The Backend SDK now includes createBulk() on WaitlistEntryAPI, so you can create multiple waitlist entries in a single API call. Pass an array of entries with optional notify flags per entry. Ideal for CSV imports, CRM syncs, and batch replay during traffic spikes.
SignUp now supports email link verification through sendEmailLink() and waitForEmailLinkVerification(). Users receive a verification link instead of a code, and the flow completes automatically once they click. Verification status (verified, expired, client mismatch) is exposed on the verifications object, and relative redirect URLs are safely resolved to absolute URLs per environment.

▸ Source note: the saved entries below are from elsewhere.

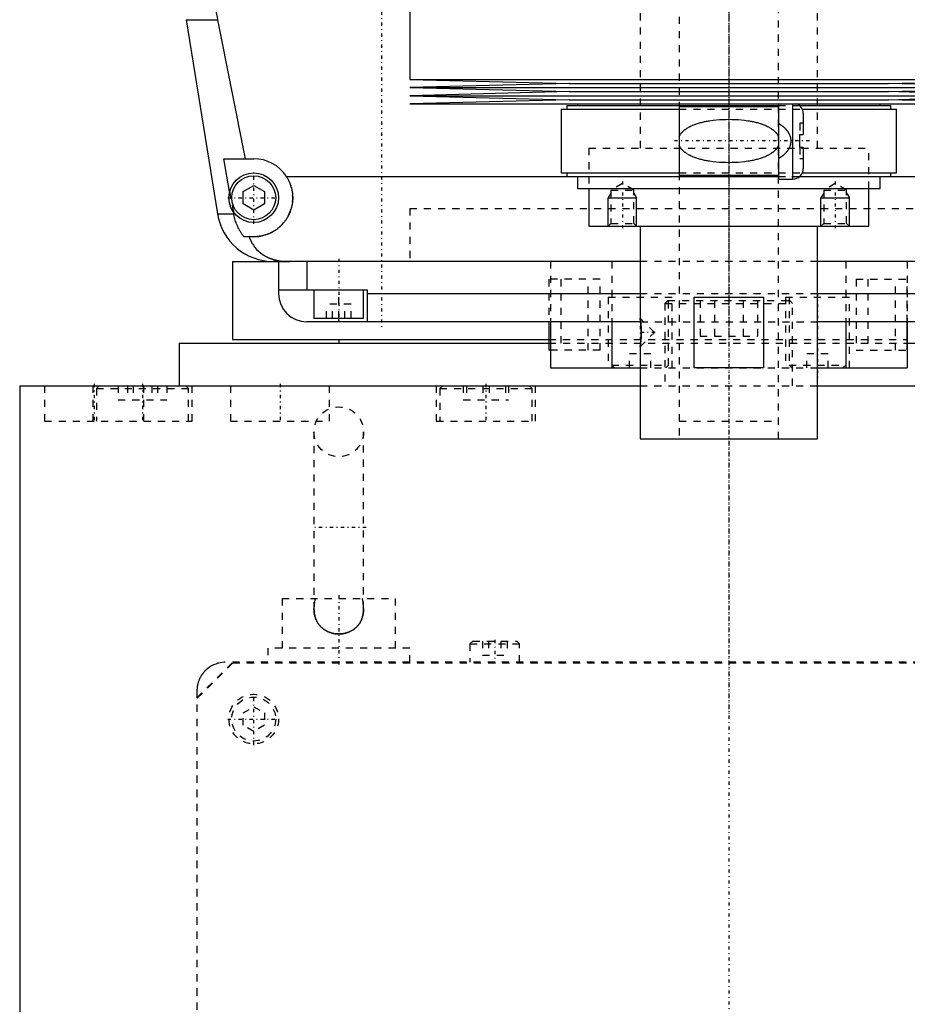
# Model space of a CAD drawing. Extents: x -120 to 120, y -1 to 1172.
# Tile 2 of 11: x -100 to 25, y 276 to 415. Entities that reach past the tile are written whole.
import ezdxf

# ---------------------------------------------------------------- set-up
doc = ezdxf.new("R2010")
doc.units = 0
doc.linetypes.add('CENTER', pattern=[1.5, 0.45, -0.5, 0.05, -0.5])
doc.linetypes.add('DASHED', pattern=[2, 1, -1])
for name, color, linetype in [('AM_0', 7, 'CONTINUOUS'), ('AM_10', 7, 'CONTINUOUS'), ('AM_3', 7, 'DASHED'), ('AM_7', 7, 'CENTER')]:
    doc.layers.add(name, color=color, linetype=linetype)

msp = doc.modelspace()

# ---------------------------------------------------------------- linework, layer by layer
at = {"layer": 'AM_0', "color": 7, "linetype": 'CONTINUOUS'}
for p, q in [((-45, 422.75), (-45, 406.17)), ((-76.54, 414.6), (-72.1, 387.22)), ((-76.54, 414.6), (-72.1, 414.6)), ((-72.1, 414.6), (-68.19, 395)), ((-45, 406.17), (-22.5, 405.6)), ((-45, 406.17), (45, 406.17)), ((-22.5, 405.6), (-45, 405.03)), ((-22.5, 405.6), (22.5, 405.6)), ((22.5, 405.6), (45, 406.17)), ((45, 405.03), (22.5, 405.6)), ((-45, 405.03), (-22.5, 404.46)), ((-45, 405.03), (45, 405.03)), ((-22.5, 404.46), (-45, 403.89)), ((-22.5, 404.46), (22.5, 404.46)), ((22.5, 404.46), (45, 405.03)), ((45, 403.89), (22.5, 404.46)), ((-45, 403.89), (-22.5, 403.32)), ((-45, 403.89), (45, 403.89)), ((-22.5, 403.32), (-45, 402.75)), ((-45, 402.75), (45, 402.75)), ((-22.5, 403.32), (22.5, 403.32)), ((-21.35, 402.75), (-21.35, 402.5)), ((7, 402.75), (7, 392.12)), ((9, 402.75), (9, 392.12)), ((21.35, 402.5), (21.35, 402.75)), ((22.5, 403.32), (45, 403.89)), ((45, 402.75), (22.5, 403.32)), ((-23.65, 402), (-23.65, 393)), ((-23.65, 402), (-7, 402)), ((-22.85, 402.5), (-22.85, 402)), ((-22.85, 402.5), (7, 402.5)), ((7, 402.3), (-7, 402.3)), ((-7, 402.3), (-7, 392.7)), ((9.99, 402.5), (22.85, 402.5)), ((10.36, 402), (23.65, 402)), ((10.5, 401.37), (10.5, 398.4)), ((22.85, 402), (22.85, 402.5)), ((23.65, 393), (23.65, 402)), ((10, 396.6), (10, 398.4)), ((10, 398.4), (10.5, 398.4)), ((10.5, 396.6), (10, 396.6)), ((10.5, 396.6), (10.5, 393.62)), ((-71.21, 395), (-67, 395)), ((-70.39, 390.38), (-71.21, 395)), ((-23.65, 393), (-7, 393)), ((-22.85, 393), (-22.85, 392.5)), ((10.36, 393), (23.65, 393)), ((22.85, 392.5), (22.85, 393)), ((-62.39, 392.5), (-9.13, 392.5)), ((-22.85, 392.5), (7.01, 392.5)), ((-21.35, 392.5), (-21.35, 390.8)), ((-7, 392.7), (7, 392.7)), ((7, 392.12), (9, 392.12)), ((9.99, 392.5), (22.85, 392.5)), ((21.35, 390.8), (21.35, 392.5)), ((21.35, 392.5), (62.39, 392.5)), ((-68.5, 390.37), (-67, 391.23)), ((-68.5, 388.63), (-68.5, 390.37)), ((-67, 391.23), (-65.5, 390.37)), ((-65.5, 390.37), (-65.5, 388.63)), ((-21.35, 390.8), (21.35, 390.8)), ((-19.75, 390.8), (-19.75, 385.5)), ((19.75, 385.5), (19.75, 390.8)), ((-69.82, 387.22), (-69.87, 387.5)), ((-67, 387.77), (-68.5, 388.63)), ((-65.5, 388.63), (-67, 387.77)), ((-72.1, 387.22), (-69.82, 387.22)), ((-19.75, 385.5), (19.75, 385.5)), ((-12.5, 385.5), (-12.5, 372.5)), ((12.5, 355.5), (12.5, 385.5)), ((-67, 384), (-68.39, 384)), ((-70, 380.5), (-70, 369.5)), ((-70, 380.5), (-63.57, 380.5)), ((-12.5, 380.5), (-64.2, 380.5)), ((-63.5, 380.5), (-63.5, 376)), ((-59.5, 380.5), (-59.5, 376.5)), ((64.2, 380.5), (12.5, 380.5)), ((-63.5, 376.5), (-51, 376.5)), ((-58.5, 376.5), (-58.5, 372.5)), ((-51.5, 372.5), (-51.5, 376.5)), ((-51, 376.5), (-51, 372)), ((-51, 376), (-12.5, 376)), ((-4.9, 375.5), (4.9, 375.5)), ((-4.9, 365.5), (-4.9, 375.5)), ((4.9, 375.5), (4.9, 365.5)), ((12.5, 376), (51, 376)), ((-58.5, 372.5), (-51.5, 372.5)), ((-55, 372), (-55, 372.5)), ((-12.49, 372.46), (-12.5, 372.5)), ((-12.48, 372.34), (-12.49, 372.41)), ((-12.44, 372.02), (-12.45, 372.14)), ((-12.44, 372), (-59.5, 372)), ((-25.37, 372), (-25.37, 368)), ((-25.16, 372), (-25.16, 365.5)), ((-16.5, 372), (-16.5, 365.5)), ((59.5, 372), (12.5, 372)), ((16.5, 372), (16.5, 365.5)), ((25.16, 372), (25.16, 365.5)), ((25.16, 368), (25.16, 372)), ((-70, 369.5), (-25.39, 369.5)), ((-55, 369.5), (-55, 369)), ((-77.5, 369), (-77.5, 363)), ((-77.5, 369), (-25.37, 369)), ((-25.16, 368), (-25.37, 368)), ((-12.5, 368.5), (-12.49, 368.54)), ((-12.5, 368.5), (-12.5, 355.5)), ((-12.49, 368.58), (-12.47, 368.71)), ((-12.45, 368.86), (-12.44, 368.98)), ((25.16, 369), (77.5, 369)), ((-25.16, 365.5), (-12.5, 365.5)), ((4.9, 365.5), (-4.9, 365.5)), ((12.5, 365.5), (25.16, 365.5)), ((-100, 363), (-100, 25)), ((-100, 363), (-12.51, 363)), ((12.51, 363), (100, 363)), ((-12.5, 355.5), (12.5, 355.5))]:
    msp.add_line(p, q, dxfattribs=at)
for points in [[(-72.97, 426.46, 0), (-72.99, 426.13, 0), (-73.01, 425.49, 0), (-73.02, 424.84, 0), (-73.02, 424.53, 0), (-73.02, 424.21, 0), (-73.02, 423.57, 0), (-73, 422.93, 0), (-72.98, 422.28, 0), (-72.96, 421.63, 0), (-72.92, 420.97, 0), (-72.9, 420.64, 0), (-72.87, 420.31, 0), (-72.82, 419.65, 0), (-72.75, 418.98, 0), (-72.68, 418.31, 0), (-72.59, 417.64, 0), (-72.5, 416.96, 0), (-72.45, 416.62, 0), (-72.4, 416.29, 0), (-72.29, 415.61, 0), (-72.17, 414.94, 0), (-72.1, 414.6, 0)], [(-62.39, 392.5, 0), (-62.36, 392.45, 0), (-62.3, 392.35, 0), (-62.24, 392.26, 0), (-62.21, 392.21, 0), (-62.18, 392.16, 0), (-62.13, 392.05, 0), (-62.08, 391.95, 0), (-62.03, 391.85, 0), (-61.98, 391.74, 0), (-61.93, 391.64, 0), (-61.91, 391.59, 0), (-61.89, 391.53, 0), (-61.85, 391.43, 0), (-61.81, 391.32, 0), (-61.77, 391.21, 0), (-61.74, 391.1, 0), (-61.71, 390.99, 0), (-61.69, 390.94, 0), (-61.68, 390.88, 0), (-61.65, 390.77, 0), (-61.62, 390.66, 0), (-61.61, 390.61, 0), (-61.6, 390.55, 0), (-61.58, 390.44, 0), (-61.56, 390.34, 0), (-61.56, 390.28, 0), (-61.55, 390.23, 0), (-61.53, 390.12, 0), (-61.52, 390.01, 0), (-61.51, 389.9, 0), (-61.51, 389.79, 0), (-61.5, 389.69, 0), (-61.5, 389.63, 0), (-61.5, 389.58, 0), (-61.5, 389.48, 0), (-61.5, 389.37, 0), (-61.5, 389.27, 0), (-61.51, 389.16, 0), (-61.52, 389.05, 0), (-61.52, 389, 0), (-61.53, 388.95, 0), (-61.54, 388.84, 0), (-61.55, 388.74, 0), (-61.57, 388.63, 0), (-61.59, 388.53, 0), (-61.61, 388.42, 0), (-61.62, 388.37, 0), (-61.63, 388.31, 0), (-61.65, 388.21, 0), (-61.68, 388.1, 0), (-61.71, 388, 0), (-61.74, 387.9, 0), (-61.77, 387.79, 0), (-61.79, 387.74, 0), (-61.81, 387.69, 0), (-61.84, 387.59, 0), (-61.88, 387.49, 0), (-61.92, 387.39, 0), (-61.96, 387.29, 0), (-62.01, 387.19, 0), (-62.03, 387.14, 0), (-62.05, 387.1, 0), (-62.1, 387, 0), (-62.15, 386.9, 0), (-62.18, 386.86, 0), (-62.2, 386.81, 0), (-62.26, 386.72, 0), (-62.31, 386.63, 0), (-62.34, 386.58, 0), (-62.37, 386.54, 0), (-62.43, 386.45, 0), (-62.49, 386.36, 0), (-62.55, 386.27, 0), (-62.61, 386.19, 0), (-62.67, 386.1, 0), (-62.71, 386.06, 0), (-62.74, 386.02, 0), (-62.81, 385.94, 0), (-62.87, 385.86, 0), (-62.94, 385.79, 0), (-63.01, 385.71, 0), (-63.09, 385.64, 0), (-63.12, 385.6, 0), (-63.16, 385.56, 0), (-63.23, 385.49, 0), (-63.31, 385.42, 0), (-63.38, 385.36, 0), (-63.46, 385.29, 0), (-63.55, 385.22, 0), (-63.59, 385.19, 0), (-63.63, 385.15, 0), (-63.71, 385.09, 0), (-63.8, 385.03, 0), (-63.89, 384.96, 0), (-63.98, 384.9, 0), (-64.07, 384.85, 0), (-64.12, 384.82, 0), (-64.16, 384.79, 0), (-64.26, 384.73, 0), (-64.36, 384.68, 0), (-64.45, 384.63, 0), (-64.55, 384.57, 0), (-64.65, 384.53, 0), (-64.7, 384.5, 0), (-64.76, 384.48, 0), (-64.86, 384.43, 0), (-64.96, 384.39, 0), (-65.02, 384.37, 0), (-65.07, 384.35, 0), (-65.17, 384.31, 0), (-65.28, 384.28, 0), (-65.34, 384.26, 0), (-65.39, 384.24, 0), (-65.5, 384.21, 0), (-65.61, 384.18, 0), (-65.72, 384.15, 0), (-65.83, 384.13, 0), (-65.94, 384.1, 0), (-66, 384.09, 0), (-66.05, 384.08, 0), (-66.16, 384.06, 0), (-66.27, 384.05, 0), (-66.39, 384.03, 0), (-66.5, 384.02, 0), (-66.61, 384.01, 0), (-66.67, 384.01, 0), (-66.72, 384.01, 0), (-66.83, 384, 0), (-66.94, 384, 0), (-67, 384, 0)], [(-68.39, 384, 0), (-68.45, 384.08, 0), (-68.56, 384.23, 0), (-68.67, 384.39, 0), (-68.72, 384.47, 0), (-68.77, 384.55, 0), (-68.88, 384.72, 0), (-68.98, 384.89, 0), (-69.07, 385.07, 0), (-69.17, 385.25, 0), (-69.26, 385.43, 0), (-69.3, 385.53, 0), (-69.34, 385.62, 0), (-69.42, 385.81, 0), (-69.49, 385.99, 0), (-69.55, 386.17, 0), (-69.61, 386.35, 0), (-69.66, 386.54, 0), (-69.69, 386.63, 0), (-69.71, 386.73, 0), (-69.76, 386.92, 0), (-69.8, 387.12, 0), (-69.82, 387.22, 0)], [(-67.64, 384, 0), (-67.57, 383.81, 0), (-67.42, 383.45, 0), (-67.24, 383.11, 0), (-67.14, 382.95, 0), (-67.04, 382.79, 0), (-66.82, 382.49, 0), (-66.59, 382.22, 0), (-66.32, 381.96, 0), (-66.16, 381.81, 0), (-66.11, 381.77, 0), (-66.07, 381.73, 0), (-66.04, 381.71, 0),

<ClerkProvider dynamic> now supports async initialState on React 19+. Instead of awaiting auth state at the top-level provider, session data resolves where it's consumed in hooks via React.use(). No Suspense boundary needed around your provider, and root layouts stay static and predictable.
When "Require multi-factor authentication" is enabled, users without MFA are now prompted to complete setup on their next sign-in or immediately after sign-up via a new setup_mfa session task, with full UI for SMS and authenticator app enrollment plus backup codes.
@clerk/nextjs now detects when auth() or currentUser() is called inside a Next.js 16 "use cache" function and throws a clear, actionable error with a code example showing the correct pattern. No more cryptic headers() failures when adopting cache components.